During the creation of the primordial black holes, another type of black hole unseen before must have formed as a kind of byproduct, according to the study. They would be even smaller – exactly the mass of a rhinoceros condensed into a volume smaller than the volume of a single proton.

These miniature black holes, because of their tiny size, could pick up a rare and exotic property from the quark-gluon soup in which they formed, called “color charge.” It’s a charge state that’s exclusive to quarks and gluons, never found in ordinary objects, Kaiser said.

This color charge would make them unique among black holes, which normally have no charge at all. “It is inevitable that these even smaller black holes also formed as a by-product (of the formation of the primordial black holes),” Alonso-Monsalve said, “but they would no longer be around today as they would have already evaporated .”

However, if they were still only about ten millionths of a second after the Big Bang when protons and neutrons formed, they could leave visible traces by changing the balance between the two types of particles.

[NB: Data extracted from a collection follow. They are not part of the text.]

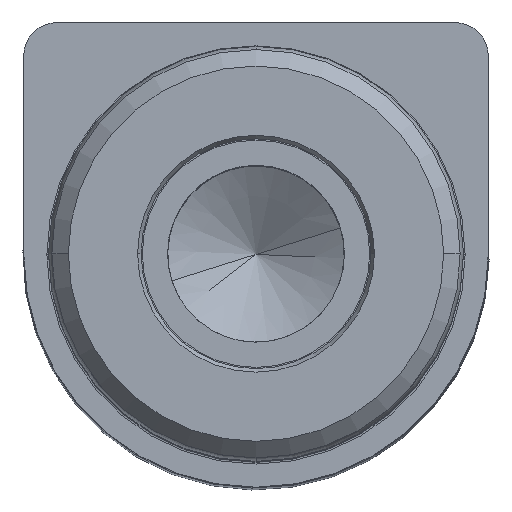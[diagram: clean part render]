
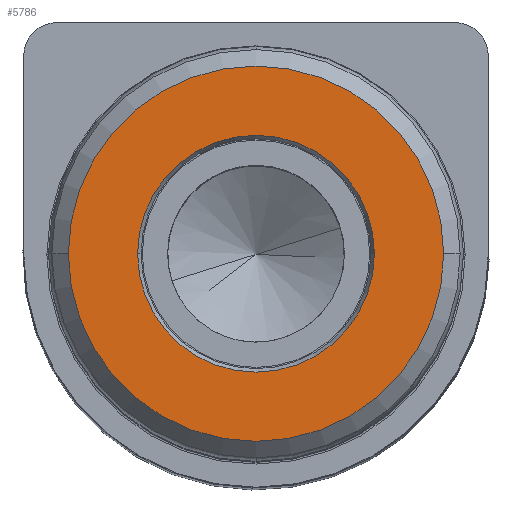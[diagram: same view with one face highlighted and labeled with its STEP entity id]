
A CAD part, top view. The second image highlights one B-rep face of the part: STEP entity #5786.
In plain terms, the highlighted planar face has unit normal (0, 0, 1).
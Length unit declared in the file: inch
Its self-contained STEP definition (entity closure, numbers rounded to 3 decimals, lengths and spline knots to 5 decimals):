
#66 = EDGE_CURVE ( 'NONE', #5518, #3370, #3299, .T. ) ;
#105 = ORIENTED_EDGE ( 'NONE', *, *, #4328, .T. ) ;
#120 = CARTESIAN_POINT ( 'NONE',  ( 0., 0., 0.444 ) ) ;
#490 = DIRECTION ( 'NONE',  ( 0., 0., 1. ) ) ;
#569 = PLANE ( 'NONE',  #4098 ) ;
#874 = CARTESIAN_POINT ( 'NONE',  ( 0., 0., 0.444 ) ) ;
#1142 = CARTESIAN_POINT ( 'NONE',  ( -0.07164, 0., 0.444 ) ) ;
#1290 = ORIENTED_EDGE ( 'NONE', *, *, #66, .T. ) ;
#1321 = DIRECTION ( 'NONE',  ( 0., 0., -1. ) ) ;
#1462 = FACE_BOUND ( 'NONE', #3888, .T. ) ;
#1661 = VERTEX_POINT ( 'NONE', #3760 ) ;
#1878 = AXIS2_PLACEMENT_3D ( 'NONE', #874, #490, #1938 ) ;
#1938 = DIRECTION ( 'NONE',  ( 1., 0., 0. ) ) ;
#2025 = DIRECTION ( 'NONE',  ( 1., 0., 0. ) ) ;
#2034 = DIRECTION ( 'NONE',  ( 1., 0., 0. ) ) ;
#2170 = EDGE_LOOP ( 'NONE', ( #105, #4296 ) ) ;
#2361 = CIRCLE ( 'NONE', #5628, 0.1135 ) ;
#2461 = CARTESIAN_POINT ( 'NONE',  ( -0.1135, 0., 0.444 ) ) ;
#2511 = DIRECTION ( 'NONE',  ( 0., 0., 1. ) ) ;
#2514 = VERTEX_POINT ( 'NONE', #2461 ) ;
#2614 = DIRECTION ( 'NONE',  ( 0., 0., 1. ) ) ;
#2719 = EDGE_CURVE ( 'NONE', #3370, #5518, #4652, .T. ) ;
#3015 = CARTESIAN_POINT ( 'NONE',  ( 0., 0., 0.444 ) ) ;
#3109 = CARTESIAN_POINT ( 'NONE',  ( 0.07164, 0., 0.444 ) ) ;
#3299 = CIRCLE ( 'NONE', #4225, 0.07164 ) ;
#3370 = VERTEX_POINT ( 'NONE', #3109 ) ;
#3477 = CARTESIAN_POINT ( 'NONE',  ( 0., 0., 0.444 ) ) ;
#3643 = CARTESIAN_POINT ( 'NONE',  ( 0., 0., 0.444 ) ) ;
#3760 = CARTESIAN_POINT ( 'NONE',  ( 0.1135, 0., 0.444 ) ) ;
#3888 = EDGE_LOOP ( 'NONE', ( #5658, #1290 ) ) ;
#4098 = AXIS2_PLACEMENT_3D ( 'NONE', #120, #2511, #2025 ) ;
#4155 = EDGE_CURVE ( 'NONE', #1661, #2514, #2361, .T. ) ;
#4225 = AXIS2_PLACEMENT_3D ( 'NONE', #3015, #4549, #5925 ) ;
#4296 = ORIENTED_EDGE ( 'NONE', *, *, #4155, .T. ) ;
#4328 = EDGE_CURVE ( 'NONE', #2514, #1661, #4631, .T. ) ;
#4549 = DIRECTION ( 'NONE',  ( 0., 0., -1. ) ) ;
#4631 = CIRCLE ( 'NONE', #1878, 0.1135 ) ;
#4652 = CIRCLE ( 'NONE', #4859, 0.07164 ) ;
#4672 = DIRECTION ( 'NONE',  ( 1., 0., 0. ) ) ;
#4859 = AXIS2_PLACEMENT_3D ( 'NONE', #3643, #1321, #4672 ) ;
#5415 = FACE_OUTER_BOUND ( 'NONE', #2170, .T. ) ;
#5518 = VERTEX_POINT ( 'NONE', #1142 ) ;
#5628 = AXIS2_PLACEMENT_3D ( 'NONE', #3477, #2614, #2034 ) ;
#5658 = ORIENTED_EDGE ( 'NONE', *, *, #2719, .T. ) ;
#5786 = ADVANCED_FACE ( 'NONE', ( #1462, #5415 ), #569, .T. ) ;
#5925 = DIRECTION ( 'NONE',  ( 1., 0., 0. ) ) ;

“The balance of how many protons and how many neutrons are made is very delicate and depends on what other things existed in the universe at the time. If these color-charged black holes were still around, they could shift the balance between protons and neutrons (in favor of one or the other), just enough that in the next few years we’ll be able to measure that,” she added.

The measurement could come from Earth-based telescopes or sensitive instruments on orbiting satellites, Kaiser said. But there may be another way to confirm the existence of these exotic black holes, he added.

“The creation of a population of black holes is a very turbulent process that would send huge ripples into the surrounding space-time. They will be weakened in space history, but not to zero,” Kaiser said. “The next generation of gravity detectors could glimpse low-mass black holes—an exotic state of matter that is an unexpected byproduct of more common black holes, which could explain dark matter today.”

What does this mean for ongoing experiments trying to detect dark matter, such as the LZ Dark Matter Experiment in South Dakota?

“The idea that there are exotic new particles remains an interesting hypothesis,” Kaiser said. “There are other kinds of large experiments, some of which are under construction, looking for fancy ways to detect gravitational waves. And they can indeed pick up some of the stray signals from the very turbulent formation process of the primordial black holes.

There is also the possibility that primordial black holes are just part of dark matter, Alonso-Monsalve added. “It doesn’t actually have to be all the same,” she said. “There is five times as much dark matter as ordinary matter, and ordinary matter is made up of many different particles. So why does dark matter have to be a kind of object?”

Primordial black holes have regained popularity with the discovery of gravitational waves, but not much is still known about their formation, according to Nico Cappelluti, an assistant professor in the Department of Physics at the University of Miami. He did not participate in the study.

“This work is an interesting, viable option to explain the elusive dark matter,” Cappelluti said.

The research is exciting and suggests a new mechanism for the formation of the first generation of black holes, said Priyamvada Natarajan, the Joseph S. and Sophia S. Fruton Professor of Astronomy and Physics at Yale University. She also did not participate in the study.

“All the hydrogen and helium we have in our universe today was created in the first three minutes, and if enough of these primordial black holes were around by then, they would have affected this process and those effects might be noticeable,” Natarajan said.

“The fact that this is an observable hypothesis is what I find really exciting, in addition to the fact that it suggests that nature probably creates black holes starting from the earliest times in multiple ways.”